# from feral kittens to feral colony



## Cat'sHouse (Apr 5, 2012)

I do maintenance work on rental houses and at one of these houses in North Minneapolis there was an abandoned house across the alley from this house I did landscape and exterior work on. I noticed a neighbor lady would stop her car and bring something (food/water) up to the back porch area of this house where there was an opening under it. I soon found out there were 4 or 5 kittens living there. I mentioned to her once that they should go to a shelter etc. but, she didn't want to do this. 

I thought that the house would be sold, remodeled or torn down but that has not happened yet. It has been almost a year now and the few times I have been back there, I have seen several cats run from garbage bins and flee to this same porch opening. So, I guess most or all survived and still live there....now almost completely feral I guess. 

I am not in a position to do anything other than call animal control which I am hesistant to do at this time. I have not seen the 'rescue lady' yet and may not as I seldom go to that house anymore....

If I walked my neighborhood about dark I would see lots of strays and cats let 'out' for the evening. I'm guessing the cats I posted about have had or are having babies so a colony is probably in the making. One day someone will 'round em' up and they will be taken to animal control and likely be euthanized. 

My question and comment is......should they have been dealt with when they were kittens? I think that would have been better but since I don't live in the neighborhood, I didn't think it was my place to stop this lady. It is not unusual for me to run across abandoned cats living in old garages, sheds, etc. At my house, I keep some sheltered areas in my yard and put out food for strays I know are in my neighborhood. My avatar, Clyde, was one of these a few years ago.

What do you think?


----------



## grrawritsjordi (Dec 29, 2012)

If I were you, I would have called animal control in the beginning.
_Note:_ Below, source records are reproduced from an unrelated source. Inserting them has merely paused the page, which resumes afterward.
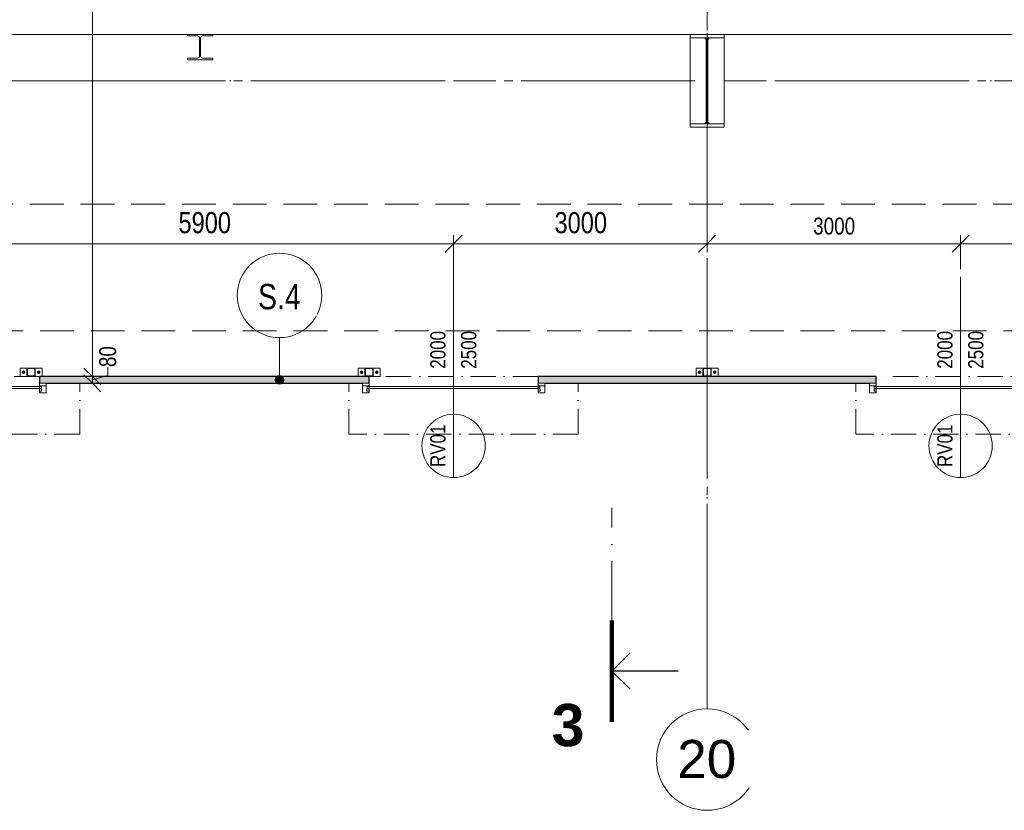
# Model space of a CAD drawing. Header units: millimetres. Extents: x 198345 to 441227, y -23587 to 80066.
# Tile 3 of 79: x 209505 to 221157, y 53944 to 63304. Entities that reach past the tile are written whole.
import ezdxf

# ---------------------------------------------------------------- set-up
doc = ezdxf.new("R2010")
doc.units = ezdxf.units.MM
for name, pattern in [('IMPORT-HP_01_CAR_C', [600, 400, -200]), ('IMPORT-HP_01_CER_B', [800, 500, -100, 100, -100]), ('Skrytá', [714.375, 476.25, -238.125]), ('Skryté 1_5', [220, 150, -70]), ('Čerchovaná 20mm', [3000, 2000, -500, 0, -500]), ('Čerchovaná 3mm', [500, 300, -100, 0, -100]), ('Čerchovaná řez', [1100, 700, -200, 0, -200])]:
    doc.linetypes.add(name, pattern=pattern)
for name, color, linetype, lineweight in [('CA_DVERE', 7, 'Continuous', 13), ('CA_DVERE_NEVHRA', 3, 'Skrytá', 9), ('CA_DVERE_NEVHRA1', 3, 'Čerchovaná 3mm', 13), ('CA_IMPORTY18', 8, 'Continuous', 9), ('CA_KOTY', 3, 'Continuous', 9), ('CA_KOTY-100', 3, 'Continuous', 9), ('CA_NEVHRA', 3, 'Skryté 1_5', 9), ('CA_OSY', 5, 'Continuous', 9), ('CA_POHHRA18', 9, 'Continuous', 9), ('CA_POPISDVERE', 3, 'Continuous', 9), ('CA_PSVBUB', 3, 'Continuous', 9), ('CA_REZY', 1, 'Continuous', 25), ('CA_REZYZNACKY', 1, 'Continuous', 9), ('CA_SRAFY', 9, 'Continuous', 25), ('CA_TEXT35', 62, 'Continuous', 9), ('CA_ZARIZPRED', 8, 'Continuous', 13)]:
    doc.layers.add(name, color=color, linetype=linetype, lineweight=lineweight)
doc.styles.add('Arial_2', font='arial.ttf', dxfattribs={"height": 450})
doc.styles.add('Arial_3', font='arial.ttf', dxfattribs={"width": 0.8, "height": 250})
doc.styles.add('Arial_4', font='arial.ttf', dxfattribs={"width": 0.8, "height": 200})
doc.styles.add('Arial_6', font='arial.ttf', dxfattribs={"width": 0.8, "height": 300})
doc.styles.add('Arial_7', font='arial.ttf', dxfattribs={"width": 0.8, "height": 180})
doc.styles.add('Arial_B', font='arialbd.ttf', dxfattribs={"height": 500})
doc.dimstyles.new('HP_Přímá_-_2_5_mm_Ariel', dxfattribs={"dimscale": 304.8, "dimtxt": 255.06485, "dimasz": 0.656168, "dimexe": 0.328084, "dimexo": 0.0625, "dimgap": 0.164042, "dimtad": 1, "dimdec": 0, "dimzin": 0, "dimdsep": 46, "dimtxsty": 'Arial_3', "dimblk1": 'OBLIQUE', "dimblk2": 'OBLIQUE', "dimsah": 1, "dimcen": 0.09, "dimazin": 0, "dimtfac": 1, "dimtdec": 4, "dimtix": 1, "dimtmove": 0, "dimatfit": 3, "dimfxl": 2.296588, "dimfxlon": 1, "dimtvp": 1, "dimtfill": 1, "dimtolj": 1, "dimtzin": 0, "dimarcsym": 2})
doc.dimstyles.new('HP_Přímá_-_2_mm_Ariel_1-100', dxfattribs={"dimscale": 304.8, "dimtxt": 204.05188, "dimasz": 0.656168, "dimexe": 0.328084, "dimexo": 0.0625, "dimgap": 0.164042, "dimtad": 1, "dimdec": 0, "dimzin": 0, "dimdsep": 46, "dimtxsty": 'Arial_4', "dimblk1": 'OBLIQUE', "dimblk2": 'OBLIQUE', "dimsah": 1, "dimcen": 0.09, "dimazin": 0, "dimtfac": 1, "dimtdec": 4, "dimtix": 1, "dimtmove": 0, "dimatfit": 3, "dimfxl": 0.984252, "dimfxlon": 1, "dimtvp": 1, "dimtolj": 1, "dimtzin": 0, "dimarcsym": 2})
doc.dimstyles.new('HP_Přímá_-_2_mm_Ariel_1-100_1', dxfattribs={"dimscale": 304.8, "dimtxt": 204.05188, "dimasz": 0.656168, "dimexe": 0.328084, "dimexo": 0.0625, "dimgap": 0.164042, "dimtad": 1, "dimdec": 0, "dimzin": 0, "dimdsep": 46, "dimtxsty": 'Arial_4', "dimblk1": 'OBLIQUE', "dimblk2": 'OBLIQUE', "dimsah": 1, "dimcen": 0.09, "dimazin": 0, "dimtfac": 1, "dimtdec": 4, "dimtix": 1, "dimtmove": 1, "dimatfit": 3, "dimfxl": 0.984252, "dimfxlon": 1, "dimtvp": 1, "dimtolj": 1, "dimtzin": 0, "dimarcsym": 2})

# ---------------------------------------------------------------- blocks, each defined once
blk = doc.blocks.new('ROLLING_SHUTTER_DD_DECOTHERM_S_EN - Rolovací dveře interiér 2000x2500-2554678-PŮDORYS 1_NP -vestavek V9')
at = {"layer": 'CA_DVERE'}
for p, q in [((-1000, -60), (-1080, -60)), ((-1080, -60), (-1080, -175)), ((-1000, -175), (-1000, -60)), ((1000, -60), (1000, -175)), ((1080, -60), (1000, -60)), ((1080, -175), (1080, -60)), ((-1080, -175), (-1000, -175)), ((1000, -175), (1080, -175))]:
    blk.add_line(p, q, dxfattribs=at)
at = {"layer": 'CA_DVERE_NEVHRA'}
blk.add_line((-1000, -60), (-1032, -60), dxfattribs=at)
at = {"layer": 'CA_DVERE_NEVHRA1'}
for p, q in [((1000, 20), (-1000, 20)), ((-1240, -663), (-1240, -60)), ((1475, -663), (1475, -60)), ((1475, -663), (-1240, -663))]:
    blk.add_line(p, q, dxfattribs=at)
at = {"layer": 'CA_NEVHRA'}
blk.add_line((1000, -60), (1000, -80), dxfattribs=at)
at = {"layer": 'CA_POHHRA18'}
for p, q in [((-1080, -90), (-1080, -60)), ((-1080, -60), (-1000, -60)), ((-1000, -90), (-1080, -90)), ((-1080, -90), (-1080, -175)), ((-1000, -60), (-1000, -90)), ((-1000, -127), (-1000, -90)), ((1080, -60), (1000, -60)), ((1000, -60), (1000, -90)), ((1000, -90), (1080, -90)), ((1000, -127), (1000, -90)), ((1080, -90), (1080, -60)), ((1080, -90), (1080, -175)), ((-1080, -175), (-1018, -175)), ((-1000, -127), (-1025, -127)), ((-1025, -127), (-1025, -152)), ((-1025, -152), (-1000, -152)), ((-1018, -175), (-1000, -166)), ((-1000, -166), (-1000, -152)), ((1000, -127), (1025, -127)), ((1000, -166), (1000, -152)), ((1025, -152), (1000, -152)), ((1018, -175), (1000, -166)), ((1080, -175), (1018, -175)), ((1025, -127), (1025, -152))]:
    blk.add_line(p, q, dxfattribs=at)
at = {"layer": 'CA_ZARIZPRED'}
for p, q in [((-1022, -122), (-1022, -97)), ((-1022, -97), (1022, -97)), ((-1000, -97), (1000, -97)), ((-1000, -97), (1000, -97)), ((-1000, -97), (1000, -97)), ((-1000, -97), (1000, -97)), ((-1000, -97), (1000, -97)), ((-1000, -97), (1000, -97)), ((-1000, -97), (1000, -97)), ((-1000, -97), (1000, -97)), ((-1000, -97), (1000, -97)), ((-1000, -97), (1000, -97)), ((-1000, -97), (1000, -97)), ((-1000, -97), (1000, -97)), ((-1000, -97), (1000, -97)), ((-1000, -97), (1000, -97)), ((-1000, -97), (1000, -97)), ((-1000, -97), (1000, -97)), ((-1000, -97), (1000, -97)), ((-1000, -97), (1000, -97)), ((-1000, -97), (1000, -97)), ((-1000, -97), (1000, -97)), ((1022, -97), (1022, -122)), ((1022, -122), (-1022, -122)), ((1000, -122), (-1000, -122)), ((1000, -122), (-1000, -122)), ((1000, -122), (-1000, -122)), ((1000, -122), (-1000, -122)), ((1000, -122), (-1000, -122)), ((1000, -122), (-1000, -122)), ((1000, -122), (-1000, -122)), ((1000, -122), (-1000, -122)), ((1000, -122), (-1000, -122)), ((1000, -122), (-1000, -122)), ((1000, -122), (-1000, -122)), ((1000, -122), (-1000, -122)), ((1000, -122), (-1000, -122)), ((1000, -122), (-1000, -122)), ((1000, -122), (-1000, -122)), ((1000, -122), (-1000, -122)), ((1000, -122), (-1000, -122)), ((1000, -122), (-1000, -122)), ((1000, -122), (-1000, -122)), ((1000, -122), (-1000, -122))]:
    blk.add_line(p, q, dxfattribs=at)
blk = doc.blocks.new('ocelová kce final - 11542_003_OK-HALA_TaO-2_ET_AciS_2025-05-29_upr_dwg-2597525-PŮDORYS 1_NP -vestavek V9')
at = {"layer": 'CA_IMPORTY18', "color": 57, "linetype": 'IMPORT-HP_01_CER_B'}
for p, q in [((217640, 59180), (217640, 70335)), ((205840, 62580), (217440, 62580)), ((217630, 62580), (217650, 62580)), ((217840, 62580), (223790, 62580)), ((217640, 56274), (217640, 59000))]:
    blk.add_line(p, q, dxfattribs=at)
at = {"layer": 'CA_IMPORTY18', "color": 57}
for p, q in [((205340, 63130), (223791, 63130)), ((223791, 63130), (205340, 63130)), ((217440, 63089), (217610, 63089)), ((217440, 62071), (217440, 63089)), ((217610, 63089), (217630, 63069)), ((217630, 63069), (217630, 62091)), ((217650, 63069), (217670, 63089)), ((217650, 62091), (217650, 63069)), ((217670, 63089), (217840, 63089)), ((217840, 63089), (217840, 62071)), ((217610, 62071), (217440, 62071)), ((217630, 62091), (217610, 62071)), ((217670, 62071), (217650, 62091)), ((217840, 62071), (217670, 62071)), ((209510, 59180), (209770, 59180)), ((209510, 59080), (209510, 59180)), ((209740, 59080), (209510, 59080)), ((209538, 59137), (209550, 59144)), ((209538, 59123), (209538, 59137)), ((209550, 59116), (209538, 59123)), ((209550, 59144), (209562, 59137)), ((209562, 59123), (209550, 59116)), ((209562, 59137), (209562, 59123)), ((209718, 59137), (209730, 59144)), ((209718, 59123), (209718, 59137)), ((209730, 59116), (209718, 59123)), ((209730, 59144), (209742, 59137)), ((209742, 59123), (209730, 59116)), ((209742, 59137), (209742, 59123)), ((209770, 59180), (209770, 59080)), ((213510, 59180), (213770, 59180)), ((213510, 59080), (213510, 59180)), ((213538, 59137), (213550, 59144)), ((213538, 59123), (213538, 59137)), ((213550, 59116), (213538, 59123)), ((213550, 59144), (213562, 59137)), ((213562, 59123), (213550, 59116)), ((213562, 59137), (213562, 59123)), ((213770, 59080), (213640, 59080)), ((213718, 59137), (213730, 59144)), ((213718, 59123), (213718, 59137)), ((213730, 59116), (213718, 59123)), ((213730, 59144), (213742, 59137)), ((213742, 59123), (213730, 59116)), ((213742, 59137), (213742, 59123)), ((213770, 59180), (213770, 59080)), ((217510, 59180), (217770, 59180)), ((217510, 59080), (217510, 59180)), ((217538, 59137), (217550, 59144)), ((217538, 59123), (217538, 59137)), ((217550, 59116), (217538, 59123)), ((217550, 59144), (217562, 59137)), ((217562, 59123), (217550, 59116)), ((217562, 59137), (217562, 59123)), ((217718, 59137), (217730, 59144)), ((217718, 59123), (217718, 59137)), ((217730, 59116), (217718, 59123)), ((217730, 59144), (217742, 59137)), ((217742, 59123), (217730, 59116)), ((217742, 59137), (217742, 59123)), ((217770, 59180), (217770, 59080))]:
    blk.add_line(p, q, dxfattribs=at)
at = {"layer": 'CA_IMPORTY18', "color": 57, "linetype": 'IMPORT-HP_01_CAR_C', "flags": 128}
blk.add_lwpolyline([(222906, 59180), (222906, 59620), (205536, 59620), (205536, 61120), (223790, 61120)], dxfattribs=at)
at = {"layer": 'CA_IMPORTY18', "color": 57}
for centre, radius, start, end in [((209550, 59130), 15, 0, 180), ((209550, 59130), 15, 180, 0), ((209550, 59130), 8, 0, 180), ((209550, 59130), 8, 180, 0), ((209730, 59130), 15, 0, 180), ((209730, 59130), 15, 180, 0), ((209730, 59130), 8, 0, 180), ((209730, 59130), 8, 180, 0), ((213550, 59130), 15, 0, 180), ((213550, 59130), 15, 180, 0), ((213550, 59130), 8, 0, 180), ((213550, 59130), 8, 180, 0), ((213730, 59130), 15, 0, 180), ((213730, 59130), 15, 180, 0), ((213730, 59130), 8, 0, 180), ((213730, 59130), 8, 180, 0), ((217550, 59130), 15, 0, 180), ((217550, 59130), 15, 180, 0), ((217550, 59130), 8, 0, 180), ((217550, 59130), 8, 180, 0), ((217730, 59130), 15, 0, 180), ((217730, 59130), 15, 180, 0), ((217730, 59130), 8, 0, 180), ((217730, 59130), 8, 180, 0)]:
    blk.add_arc(centre, radius, start, end, dxfattribs=at)
at = {"layer": 'CA_ZARIZPRED'}
for p, q in [((211490, 63111), (211490, 63130)), ((211490, 63130), (211790, 63130)), ((211608, 63111), (211490, 63111)), ((211634, 62876), (211634, 63084)), ((211646, 63084), (211646, 62876)), ((211790, 63111), (211672, 63111)), ((211790, 63130), (211790, 63111)), ((217440, 63090), (217440, 63130)), ((217440, 63130), (217840, 63130)), ((217630, 63090), (217440, 63090)), ((217630, 62070), (217630, 63090)), ((217650, 63090), (217650, 62070)), ((217650, 63090), (217840, 63090)), ((217840, 63130), (217840, 63090)), ((211490, 62830), (211490, 62849)), ((211490, 62849), (211608, 62849)), ((211490, 62830), (211790, 62830)), ((211672, 62849), (211790, 62849)), ((211790, 62849), (211790, 62830)), ((217440, 62030), (217440, 62070)), ((217440, 62070), (217630, 62070)), ((217840, 62030), (217440, 62030)), ((217650, 62070), (217840, 62070)), ((217840, 62070), (217840, 62030)), ((209590, 59092), (209590, 59168)), ((209596, 59168), (209596, 59092)), ((209602, 59180), (209678, 59180)), ((209678, 59174), (209602, 59174)), ((209602, 59086), (209678, 59086)), ((209602, 59080), (209678, 59080)), ((209684, 59092), (209684, 59168)), ((209690, 59168), (209690, 59092)), ((213590, 59092), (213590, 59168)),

I have seen a lot of feral cats run around my grandma's house and we would always feed them and try to socialize them, but only being there a couple days a week, I didn't have much time with them and no one else would help out.

The neighborhood would leave food out, so it seemed the whole town would drop off unwanted cats. Me, being a softy, would try to socialize the worst ones, but I have scars to prove that it was going to take more work than I was willing to give as a middle schooler/high schooler.

The reasons why this is bad is:

A)None of these little guys are fixed (or at least most of them are not) so they are going to create more and more little guys. I have watched a lot of little feral kittens die because of worms or other sicknesses. (I was too young to really know what was to do and I didn't have the money to save them all.)

B) From what I've seen (not true in all cases, I guess) these little guys will mate with their brother and sister (inbreed) causing birth defects and other problems for the kittens. There were at least 3 inbred generations at my grandma's and the mortality rate was unbelievable. Poor little guys.

Now I know you did what the old lady wished, but really, something should have been done in the beginning. The cats would probably have homes and it is much easier to socialize a feral kitten, rather than a feral cat.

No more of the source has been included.